As questões de classe social e económica devem estar no centro da nossa resposta à crise
climática, para abordar as enormes desigualdades entre as pegadas de carbono dos ricos e dos
pobres e evitar uma reação contra as políticas climáticas, afirmou o economista Thomas
Piketty.
Serão necessárias regulamentações para proibir bens e serviços que tenham emissões
desnecessariamente elevadas de gases com efeito de estufa, como jactos privados, veículos de
grandes dimensões e voos de curtas distâncias, disse ele numa entrevista ao Guardian.
Os países ricos devem também implementar impostos progressivos sobre o carbono que
tenham em conta os rendimentos das pessoas e a forma como são capazes de reduzir as suas
emissões, uma vez que as políticas atuais geralmente não conseguem ajustar-se às
necessidades reais das pessoas.
“Temos que colocar a classe e os estudos da desigualdade entre as classes sociais bem no
centro das nossas análises dos desafios ambientais em geral”, disse Piketty. “Se não o fizer,
simplesmente não conseguirá obter uma maioria [das pessoas a favor de uma ação forte] e não
conseguirá fazê-lo.”
O proeminente economista francês é o autor da obra seminal Capital in the Twenty-First
Century e um dos principais pensadores mundiais sobre a desigualdade. O seu trabalho foi
altamente influente após a crise financeira de 2008, e ele está cada vez mais a voltar a sua
atenção para a crise climática como co-diretor do Laboratório Mundial de Desigualdade.
Até à data, embora os ambientalistas tenham visado os países desenvolvidos, contrastando as
suas elevadas emissões com a situação difícil do mundo em desenvolvimento, qualquer forma
de análise de classe – abordando as preocupações das pessoas pobres nos países ricos – tem
estado em grande parte ausente, de acordo com Piketty. “Um dos grandes fracassos do
movimento ambientalista até agora tem sido a sua tendência a ignorar a dimensão de classe e
a desigualdade social. Acho isso muito impressionante.”
Ele disse que a questão da desigualdade de carbono é agora um dos problemas mais
prementes do mundo. A lacuna de desigualdade de carbono “é agora maior do que tem sido
2. desde o século XIX”, disse ele. Este é um fator importante nos ataques que estão a ser feitos à
política climática por parte de alguns quadrantes.

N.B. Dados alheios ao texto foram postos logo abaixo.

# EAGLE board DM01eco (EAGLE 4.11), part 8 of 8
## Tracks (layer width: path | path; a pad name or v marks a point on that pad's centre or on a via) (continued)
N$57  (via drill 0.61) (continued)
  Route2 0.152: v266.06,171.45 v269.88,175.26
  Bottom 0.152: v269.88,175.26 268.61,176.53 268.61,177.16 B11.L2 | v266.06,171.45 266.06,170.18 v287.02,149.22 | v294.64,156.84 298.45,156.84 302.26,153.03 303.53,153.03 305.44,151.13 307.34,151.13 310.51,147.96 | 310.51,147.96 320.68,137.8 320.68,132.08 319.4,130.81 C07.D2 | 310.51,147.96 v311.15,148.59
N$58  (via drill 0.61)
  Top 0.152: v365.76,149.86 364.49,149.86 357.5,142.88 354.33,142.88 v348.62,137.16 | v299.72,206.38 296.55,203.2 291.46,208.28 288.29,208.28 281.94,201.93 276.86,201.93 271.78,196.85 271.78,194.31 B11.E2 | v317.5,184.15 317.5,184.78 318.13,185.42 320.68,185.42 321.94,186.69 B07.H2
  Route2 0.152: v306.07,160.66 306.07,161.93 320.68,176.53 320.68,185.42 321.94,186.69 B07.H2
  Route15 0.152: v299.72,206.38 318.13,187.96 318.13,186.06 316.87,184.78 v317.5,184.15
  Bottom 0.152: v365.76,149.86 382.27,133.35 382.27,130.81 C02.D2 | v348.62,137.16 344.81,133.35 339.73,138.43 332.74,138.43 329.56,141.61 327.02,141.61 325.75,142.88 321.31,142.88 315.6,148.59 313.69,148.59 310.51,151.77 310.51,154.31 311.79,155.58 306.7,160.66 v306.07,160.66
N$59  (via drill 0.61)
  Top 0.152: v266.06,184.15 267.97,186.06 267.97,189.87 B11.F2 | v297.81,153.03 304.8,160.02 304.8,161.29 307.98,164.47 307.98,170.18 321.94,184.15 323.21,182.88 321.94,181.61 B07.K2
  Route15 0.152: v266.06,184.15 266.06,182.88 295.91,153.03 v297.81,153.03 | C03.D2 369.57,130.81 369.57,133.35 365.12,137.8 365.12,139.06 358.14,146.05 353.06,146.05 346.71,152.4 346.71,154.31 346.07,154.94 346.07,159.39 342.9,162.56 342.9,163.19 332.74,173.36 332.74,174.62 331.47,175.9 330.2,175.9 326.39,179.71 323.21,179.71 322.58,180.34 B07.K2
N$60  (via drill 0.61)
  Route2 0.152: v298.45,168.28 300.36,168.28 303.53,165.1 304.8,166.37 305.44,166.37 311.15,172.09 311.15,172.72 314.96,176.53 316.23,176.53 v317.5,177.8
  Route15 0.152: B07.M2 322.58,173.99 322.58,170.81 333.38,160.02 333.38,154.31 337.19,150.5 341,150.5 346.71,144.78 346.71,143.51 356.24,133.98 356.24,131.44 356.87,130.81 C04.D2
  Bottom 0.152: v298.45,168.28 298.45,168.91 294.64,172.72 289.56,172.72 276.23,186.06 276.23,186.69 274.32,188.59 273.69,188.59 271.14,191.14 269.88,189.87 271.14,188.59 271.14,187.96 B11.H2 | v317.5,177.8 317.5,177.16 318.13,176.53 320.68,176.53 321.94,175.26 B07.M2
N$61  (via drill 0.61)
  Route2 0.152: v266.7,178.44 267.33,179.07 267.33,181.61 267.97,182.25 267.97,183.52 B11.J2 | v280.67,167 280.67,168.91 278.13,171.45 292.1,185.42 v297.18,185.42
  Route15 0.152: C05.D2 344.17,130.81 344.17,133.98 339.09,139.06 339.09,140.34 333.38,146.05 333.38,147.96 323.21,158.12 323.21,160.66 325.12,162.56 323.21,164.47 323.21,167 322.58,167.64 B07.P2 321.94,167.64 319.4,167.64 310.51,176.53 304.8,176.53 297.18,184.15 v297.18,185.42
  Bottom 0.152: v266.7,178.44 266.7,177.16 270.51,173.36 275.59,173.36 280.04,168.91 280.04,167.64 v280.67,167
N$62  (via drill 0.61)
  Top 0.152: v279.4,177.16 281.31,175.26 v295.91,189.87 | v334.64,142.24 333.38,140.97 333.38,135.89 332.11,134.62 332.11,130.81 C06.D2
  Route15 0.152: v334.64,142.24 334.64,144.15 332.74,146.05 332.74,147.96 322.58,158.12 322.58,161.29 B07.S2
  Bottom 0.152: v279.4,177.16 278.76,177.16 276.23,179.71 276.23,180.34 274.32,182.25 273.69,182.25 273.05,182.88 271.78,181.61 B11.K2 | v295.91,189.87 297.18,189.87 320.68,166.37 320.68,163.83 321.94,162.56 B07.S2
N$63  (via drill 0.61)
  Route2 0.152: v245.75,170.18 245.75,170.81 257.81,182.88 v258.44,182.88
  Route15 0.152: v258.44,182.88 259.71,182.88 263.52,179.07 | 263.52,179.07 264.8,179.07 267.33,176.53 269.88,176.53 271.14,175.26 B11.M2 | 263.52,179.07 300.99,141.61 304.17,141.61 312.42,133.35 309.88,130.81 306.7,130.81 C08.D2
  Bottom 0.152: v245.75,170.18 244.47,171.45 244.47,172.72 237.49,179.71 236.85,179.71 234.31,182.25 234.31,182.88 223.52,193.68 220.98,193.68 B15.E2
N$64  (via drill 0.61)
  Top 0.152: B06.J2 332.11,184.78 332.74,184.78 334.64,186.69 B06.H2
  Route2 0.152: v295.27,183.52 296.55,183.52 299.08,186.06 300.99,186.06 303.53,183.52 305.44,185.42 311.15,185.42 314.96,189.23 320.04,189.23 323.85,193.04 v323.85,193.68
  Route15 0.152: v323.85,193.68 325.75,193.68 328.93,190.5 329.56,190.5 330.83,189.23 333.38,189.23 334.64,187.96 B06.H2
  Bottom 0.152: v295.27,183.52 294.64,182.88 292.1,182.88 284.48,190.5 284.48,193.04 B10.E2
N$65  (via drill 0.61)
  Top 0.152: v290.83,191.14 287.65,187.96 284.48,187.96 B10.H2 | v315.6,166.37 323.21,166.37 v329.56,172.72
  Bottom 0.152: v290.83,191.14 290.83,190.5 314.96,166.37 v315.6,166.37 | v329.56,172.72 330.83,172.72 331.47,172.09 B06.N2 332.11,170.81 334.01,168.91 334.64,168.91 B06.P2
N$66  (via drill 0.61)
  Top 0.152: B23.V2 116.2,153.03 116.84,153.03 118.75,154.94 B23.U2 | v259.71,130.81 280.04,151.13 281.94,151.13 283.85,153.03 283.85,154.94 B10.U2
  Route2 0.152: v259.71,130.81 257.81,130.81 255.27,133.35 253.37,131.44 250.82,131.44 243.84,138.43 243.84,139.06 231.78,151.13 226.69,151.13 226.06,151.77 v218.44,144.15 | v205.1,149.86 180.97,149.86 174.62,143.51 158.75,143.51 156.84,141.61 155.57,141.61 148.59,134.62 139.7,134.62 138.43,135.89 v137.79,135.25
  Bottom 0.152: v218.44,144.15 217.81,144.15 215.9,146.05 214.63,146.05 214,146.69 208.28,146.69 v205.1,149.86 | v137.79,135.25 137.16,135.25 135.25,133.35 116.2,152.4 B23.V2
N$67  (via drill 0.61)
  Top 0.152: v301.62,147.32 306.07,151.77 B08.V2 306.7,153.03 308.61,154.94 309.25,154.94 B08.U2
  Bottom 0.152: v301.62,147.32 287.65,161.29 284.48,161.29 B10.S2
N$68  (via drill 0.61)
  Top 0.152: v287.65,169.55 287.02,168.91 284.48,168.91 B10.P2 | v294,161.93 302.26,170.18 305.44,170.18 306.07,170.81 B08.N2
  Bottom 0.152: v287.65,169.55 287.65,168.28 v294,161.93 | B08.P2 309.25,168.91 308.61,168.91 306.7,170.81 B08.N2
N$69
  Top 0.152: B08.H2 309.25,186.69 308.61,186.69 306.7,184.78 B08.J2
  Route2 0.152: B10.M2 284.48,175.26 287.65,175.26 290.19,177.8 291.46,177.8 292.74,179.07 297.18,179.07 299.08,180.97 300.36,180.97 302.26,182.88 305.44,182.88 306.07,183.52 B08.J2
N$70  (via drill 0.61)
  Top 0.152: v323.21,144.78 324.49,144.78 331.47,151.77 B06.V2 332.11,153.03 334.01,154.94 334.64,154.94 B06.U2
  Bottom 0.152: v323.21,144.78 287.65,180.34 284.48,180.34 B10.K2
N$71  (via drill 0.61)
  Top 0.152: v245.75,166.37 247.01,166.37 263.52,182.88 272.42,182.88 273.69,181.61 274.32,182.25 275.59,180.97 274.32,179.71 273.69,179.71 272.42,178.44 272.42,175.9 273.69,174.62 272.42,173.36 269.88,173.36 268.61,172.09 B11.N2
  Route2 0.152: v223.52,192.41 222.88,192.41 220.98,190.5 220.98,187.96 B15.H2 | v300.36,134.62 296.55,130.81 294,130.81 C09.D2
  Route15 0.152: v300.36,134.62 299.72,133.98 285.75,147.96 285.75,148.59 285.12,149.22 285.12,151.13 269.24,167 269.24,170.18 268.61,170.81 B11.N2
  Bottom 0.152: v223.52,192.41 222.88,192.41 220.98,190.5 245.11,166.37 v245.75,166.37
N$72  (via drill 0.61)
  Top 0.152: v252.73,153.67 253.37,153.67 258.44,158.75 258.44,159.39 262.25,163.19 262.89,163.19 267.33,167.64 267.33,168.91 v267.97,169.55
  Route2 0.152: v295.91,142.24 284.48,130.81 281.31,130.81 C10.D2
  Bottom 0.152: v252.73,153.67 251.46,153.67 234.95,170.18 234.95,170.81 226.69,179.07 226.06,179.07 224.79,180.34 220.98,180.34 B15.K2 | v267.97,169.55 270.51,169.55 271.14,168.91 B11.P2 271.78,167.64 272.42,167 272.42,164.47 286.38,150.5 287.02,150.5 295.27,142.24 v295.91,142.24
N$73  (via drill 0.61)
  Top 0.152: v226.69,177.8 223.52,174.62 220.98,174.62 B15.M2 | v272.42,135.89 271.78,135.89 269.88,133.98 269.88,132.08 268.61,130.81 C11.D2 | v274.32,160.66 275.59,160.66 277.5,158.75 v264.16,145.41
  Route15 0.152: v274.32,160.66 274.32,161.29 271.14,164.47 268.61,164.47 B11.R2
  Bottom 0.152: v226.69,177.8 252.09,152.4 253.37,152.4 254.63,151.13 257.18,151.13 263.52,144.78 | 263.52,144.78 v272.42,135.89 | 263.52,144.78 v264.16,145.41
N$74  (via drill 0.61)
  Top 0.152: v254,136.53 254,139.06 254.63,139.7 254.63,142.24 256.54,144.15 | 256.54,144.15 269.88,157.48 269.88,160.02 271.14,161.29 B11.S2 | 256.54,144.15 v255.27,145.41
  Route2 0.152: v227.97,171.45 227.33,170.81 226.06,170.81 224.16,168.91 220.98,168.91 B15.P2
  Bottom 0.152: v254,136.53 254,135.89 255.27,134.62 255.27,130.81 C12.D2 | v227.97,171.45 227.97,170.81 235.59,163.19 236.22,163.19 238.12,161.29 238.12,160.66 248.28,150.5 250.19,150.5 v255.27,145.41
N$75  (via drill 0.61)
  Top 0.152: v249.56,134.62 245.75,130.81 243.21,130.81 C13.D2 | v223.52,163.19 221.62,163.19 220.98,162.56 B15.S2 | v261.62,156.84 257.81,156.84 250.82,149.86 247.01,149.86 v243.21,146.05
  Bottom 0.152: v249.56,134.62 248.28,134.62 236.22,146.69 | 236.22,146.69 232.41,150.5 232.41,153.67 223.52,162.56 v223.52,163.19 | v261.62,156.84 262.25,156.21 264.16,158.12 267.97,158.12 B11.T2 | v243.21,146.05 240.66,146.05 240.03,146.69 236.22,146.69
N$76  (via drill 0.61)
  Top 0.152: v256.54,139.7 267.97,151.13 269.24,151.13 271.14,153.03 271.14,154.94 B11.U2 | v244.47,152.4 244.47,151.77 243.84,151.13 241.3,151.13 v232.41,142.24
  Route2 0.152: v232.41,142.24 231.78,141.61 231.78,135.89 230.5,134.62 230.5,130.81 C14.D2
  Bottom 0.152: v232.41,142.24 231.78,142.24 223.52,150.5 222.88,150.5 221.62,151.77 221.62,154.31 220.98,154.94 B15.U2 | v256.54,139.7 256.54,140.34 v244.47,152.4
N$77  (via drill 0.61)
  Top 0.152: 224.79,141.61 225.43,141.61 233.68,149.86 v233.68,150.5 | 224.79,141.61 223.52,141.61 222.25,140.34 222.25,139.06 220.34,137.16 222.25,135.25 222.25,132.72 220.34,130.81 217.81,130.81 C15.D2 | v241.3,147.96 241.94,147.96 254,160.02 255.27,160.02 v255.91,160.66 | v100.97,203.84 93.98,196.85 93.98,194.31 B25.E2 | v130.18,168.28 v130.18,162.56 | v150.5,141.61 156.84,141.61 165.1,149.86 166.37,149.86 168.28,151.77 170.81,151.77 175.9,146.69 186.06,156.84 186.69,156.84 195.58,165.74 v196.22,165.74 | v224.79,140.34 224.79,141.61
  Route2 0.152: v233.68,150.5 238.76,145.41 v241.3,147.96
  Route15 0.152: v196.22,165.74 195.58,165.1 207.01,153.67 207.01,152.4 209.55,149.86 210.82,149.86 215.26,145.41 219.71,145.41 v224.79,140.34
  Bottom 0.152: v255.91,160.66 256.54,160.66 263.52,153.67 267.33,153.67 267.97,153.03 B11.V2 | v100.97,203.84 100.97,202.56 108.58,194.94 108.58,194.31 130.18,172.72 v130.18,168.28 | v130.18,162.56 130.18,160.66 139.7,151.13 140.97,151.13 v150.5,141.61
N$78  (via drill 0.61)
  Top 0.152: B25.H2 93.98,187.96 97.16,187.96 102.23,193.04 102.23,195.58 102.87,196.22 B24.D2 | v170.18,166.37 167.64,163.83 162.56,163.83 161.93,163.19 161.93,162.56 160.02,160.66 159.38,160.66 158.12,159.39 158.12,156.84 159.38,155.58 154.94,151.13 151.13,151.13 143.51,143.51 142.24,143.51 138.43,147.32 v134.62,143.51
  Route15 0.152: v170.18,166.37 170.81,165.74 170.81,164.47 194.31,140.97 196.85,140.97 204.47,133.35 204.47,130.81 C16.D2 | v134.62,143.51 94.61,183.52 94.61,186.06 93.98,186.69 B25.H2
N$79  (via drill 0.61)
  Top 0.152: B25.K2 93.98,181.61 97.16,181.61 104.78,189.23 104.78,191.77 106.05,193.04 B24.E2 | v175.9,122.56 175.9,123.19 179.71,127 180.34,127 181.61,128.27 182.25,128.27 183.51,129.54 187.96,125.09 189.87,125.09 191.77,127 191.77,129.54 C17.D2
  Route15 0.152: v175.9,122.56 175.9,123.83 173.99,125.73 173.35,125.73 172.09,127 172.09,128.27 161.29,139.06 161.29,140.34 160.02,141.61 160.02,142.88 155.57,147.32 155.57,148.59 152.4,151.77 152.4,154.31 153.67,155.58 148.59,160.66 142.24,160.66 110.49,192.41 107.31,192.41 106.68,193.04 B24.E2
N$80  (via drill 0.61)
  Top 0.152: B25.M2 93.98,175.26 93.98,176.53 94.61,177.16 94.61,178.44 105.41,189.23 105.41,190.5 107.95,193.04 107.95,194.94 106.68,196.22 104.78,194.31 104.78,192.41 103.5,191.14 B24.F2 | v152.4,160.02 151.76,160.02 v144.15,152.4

Políticas energéticas mal orientadas em todo o mundo colocam um fardo maior sobre as
pessoas pobres, para quem a energia, a alimentação e a habitação representam uma parcela
muito maior dos orçamentos familiares do que para os mais abastados. Isto está provocando
uma reação negativa, segundo Piketty.
Se as políticas climáticas forem vistas como injustas, afetando as pessoas com baixos
rendimentos enquanto aquelas com estilos de vida luxuosos continuam intocadas, surgirão
movimentos de protesto, como os “coletes amarelos” que paralisaram a França há cinco anos,
disse ele.
“Todos agora entendem que todos teriam que fazer algum esforço [para reduzir as emissões], e
não serão apenas os ricos. Mas este esforço tem de ser distribuído de uma forma que possa ser
aceite pela população. Se você não resolver isso, teremos um gigantesco movimento de coletes
amarelos em todos os lugares. E isso é um pouco o que temos.”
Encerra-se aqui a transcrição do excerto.